2:40 0:58 0:22
Events Ads Fluff


August 20, 2016

Ryan Lochte Is Sooooo Sorry.

He said it, like, 50 times, so it must be true.

  • Welcome to the last full days of events, and we start with the last shot of the shootout from today's Brazil-Germany gold medal soccer match. Spoiler alert! Brazil wins and the crowd goes crazy.
  • To Olympic stadium and the men's 1,500-meter final. Matthew Centrowitz from the United States wins! What? Americans don't win this race, the Kenyans do! Sure enough, Tom Hammond tells us that no American has won this race since 1908. NBC had a great shot of his family basically losing their minds as he crossed the finish line. Why shouldn't they? It's been over a century and although I'm sure they were completely supportive of Matthew, just because you're supportive doesn't mean you have unrealistic expectations.
  • Next up, the women's 800-meters, featuring transsexual racer Caster Semenya of South Africa. Tom says there's been great controversy about her for eight years, but tonight we'll put all that aside and just run the race. Yes, I'm sure if a transsexual wins a woman's footrace then there won't be any controversy at all.

    Caster wins in a dominating performance, thus ending any debate about whether transsexuals should be allowed to compete in women's events. "Wait," you say, "doesn't that mean–" "ALL DEBATE IS ENDED!"
  • Would you like some Mo Farah micro fluff? Of course you would. He's about to run the men's 5,000m final having already won the 10,000m even after falling down. You've got to think he's the favorite.

    What do the commentators talk about during a race this long? Mainly different stories about how different racers have overcome hardships to be here. It's basically fluff but during an event. Why can't they do that with every other event?

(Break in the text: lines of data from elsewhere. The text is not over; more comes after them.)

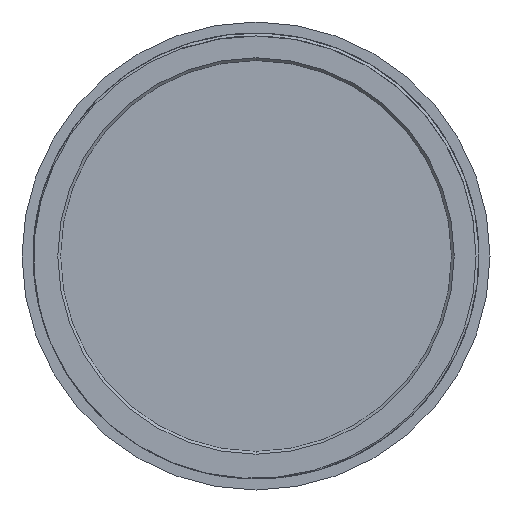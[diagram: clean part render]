
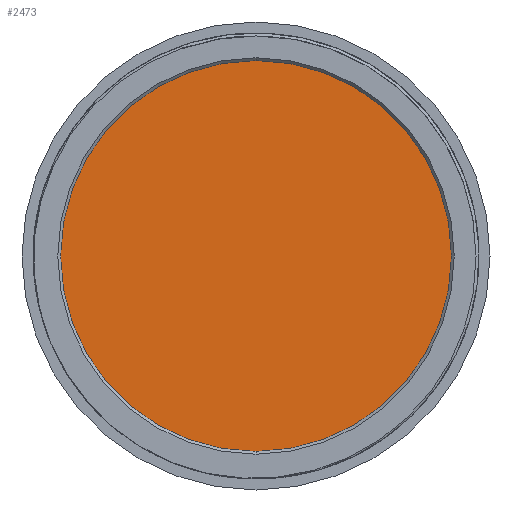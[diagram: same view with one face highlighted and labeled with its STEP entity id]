
A CAD part, front view. The second image highlights one B-rep face of the part: STEP entity #2473.
In plain terms, the highlighted planar face has unit normal (0, -1, 0).
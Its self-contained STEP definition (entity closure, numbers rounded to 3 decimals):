
#363 = VERTEX_POINT ( 'NONE', #1931 ) ;
#401 = AXIS2_PLACEMENT_3D ( 'NONE', #689, #2545, #494 ) ;
#456 = DIRECTION ( 'NONE',  ( 0., 0., 1. ) ) ;
#494 = DIRECTION ( 'NONE',  ( 0., 0., 1. ) ) ;
#498 = CIRCLE ( 'NONE', #2266, 18.5 ) ;
#621 = ORIENTED_EDGE ( 'NONE', *, *, #1439, .F. ) ;
#689 = CARTESIAN_POINT ( 'NONE',  ( 0., 2.3, 0. ) ) ;
#770 = CARTESIAN_POINT ( 'NONE',  ( 0., 2.3, -18.5 ) ) ;
#931 = CARTESIAN_POINT ( 'NONE',  ( 0., 2.3, 0. ) ) ;
#1002 = VERTEX_POINT ( 'NONE', #770 ) ;
#1140 = FACE_OUTER_BOUND ( 'NONE', #2292, .T. ) ;
#1378 = DIRECTION ( 'NONE',  ( 0., 1., 0. ) ) ;
#1408 = ORIENTED_EDGE ( 'NONE', *, *, #2387, .F. ) ;
#1439 = EDGE_CURVE ( 'NONE', #363, #1002, #498, .T. ) ;
#1858 = PLANE ( 'NONE',  #2118 ) ;
#1896 = DIRECTION ( 'NONE',  ( 0., 1., 0. ) ) ;
#1931 = CARTESIAN_POINT ( 'NONE',  ( 0., 2.3, 18.5 ) ) ;
#2118 = AXIS2_PLACEMENT_3D ( 'NONE', #2732, #1378, #2281 ) ;
#2266 = AXIS2_PLACEMENT_3D ( 'NONE', #931, #1896, #456 ) ;
#2281 = DIRECTION ( 'NONE',  ( 0., 0., 1. ) ) ;
#2292 = EDGE_LOOP ( 'NONE', ( #1408, #621 ) ) ;
#2387 = EDGE_CURVE ( 'NONE', #1002, #363, #2602, .T. ) ;
#2473 = ADVANCED_FACE ( 'NONE', ( #1140 ), #1858, .F. ) ;
#2545 = DIRECTION ( 'NONE',  ( 0., 1., 0. ) ) ;
#2602 = CIRCLE ( 'NONE', #401, 18.5 ) ;
#2732 = CARTESIAN_POINT ( 'NONE',  ( 0., 2.3, 0. ) ) ;
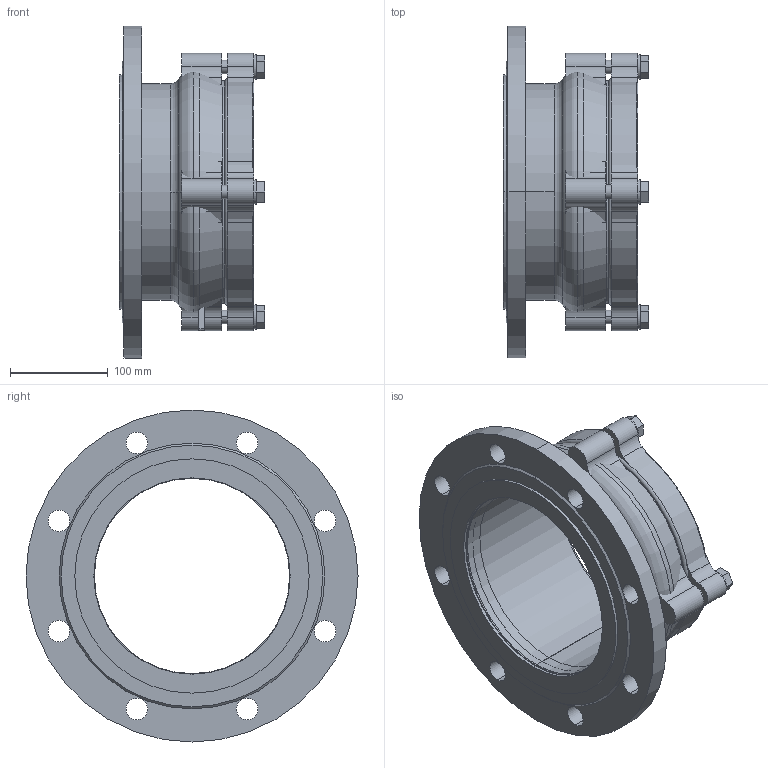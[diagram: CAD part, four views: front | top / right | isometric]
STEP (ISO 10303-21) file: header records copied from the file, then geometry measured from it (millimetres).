
FILE_DESCRIPTION(('STEP AP214'),'1');
FILE_NAME('U:/VDI-Daten/7200-(0400)/7200_PN10_DN200_200.STP','2012-06-15T10:03:26',(' '),(' '),'Spatial InterOp 3D',' ',' ');
FILE_SCHEMA(('automotive_design'));
Length unit declared in the file: millimetre
Products named in the file (27): 3D-Objekt
Bounding box: 149.3 x 340 x 340 mm (x, y, z)
Volume: 2795247.2 mm3; surface area: 685402.7 mm2
Topology: 27 solids, 27 shells, 208 faces, 458 edges, 304 vertices
Faces by surface type: plane 97, cylinder 93, torus 12, cone 6
Entity records: 8163 total; most frequent: DIRECTION 1158, CARTESIAN_POINT 997, ORIENTED_EDGE 916, AXIS2_PLACEMENT_3D 465, EDGE_CURVE 458, VERTEX_POINT 304, EDGE_LOOP 236, STYLED_ITEM 235

    With just over four laps to go Farah takes the lead and no one else can seem to do anything about it. Different racers keep taking a shot at him, but he runs them off each time. It's like he's toying with the field. But the last runner to make a run at Farah is Paul Kipkemoi Chelimo of the United States, so he takes silver to Farah's gold. This is the first American medal in this event since 1964. This a historic year for American distance runners.
  • Paul Kipkemoi Chelimo has been disqualified! Booooooo! They show a replay while Chelimo is being interviewed. The IOC says he was impeding the other runners, he says he was just running for position. He seems completely shocked and almost runs out of the interview area, presumably to find someone to file an appeal.
  • Now it's time for the women's 4x400m relay, where the US women will be the favorites again. After two legs, the US is in first, Jamaica is in second, and no other team is within 20 meters of them. After three legs, no other team is even in the same camera shot. Allyson Felix closes out the win for America in leg four, beating the Jamaicans by over a second, and beating third place Great Britain by over six seconds. Felix now has six Olympic golds. There is simply no other team on Earth that has the depth the American women do.
  • By contrast, the American men's 4x400m relay team is not as lucky. There are plenty of teams that can give the US trouble. And just as I say that, the US goes out and wins decisively by nearly a second over Jamaica. That time is more impressive when you consider that American Gil Roberts ran leg three with two pounds of gold necklaces hanging around his neck. I mean, it's not Mr. T levels of necklace, but it's certainly more than the dainty little things that all the other runners wear while running.
  • Chelimo has been disqualified, but not for interference as NBC thought before. A different replay angle shows that Chelimo stepped out of bounds. Well, there might be some disputing interference, but there's not disputing stepping out of–

    Wait a minute! Now he's been reinstated! This story changes so much you'd think Ryan Lochte was telling it.
  • Let's watch Usain Bolt sing the Jamaican national anthem one last time. He sings! I think that makes him nine for nine. So that means he's earned one last minute of fluff. One minute of fluff takes more time than all of the running Bolt has done in medal races in Rio. Let that sink in.
  • To the diving well for the men's platform semifinals. Since this isn't live, NBC can drop us into the action right in round three where the scores start to matter. And where it seems to matter is with Britain's Tom Daley, he of last night's classy fluff. Right now he's made a bad dive and is in 18th place. That would be bad for NBC if they devoted all this fluff time to a man who doesn't even make it out of the semifinals.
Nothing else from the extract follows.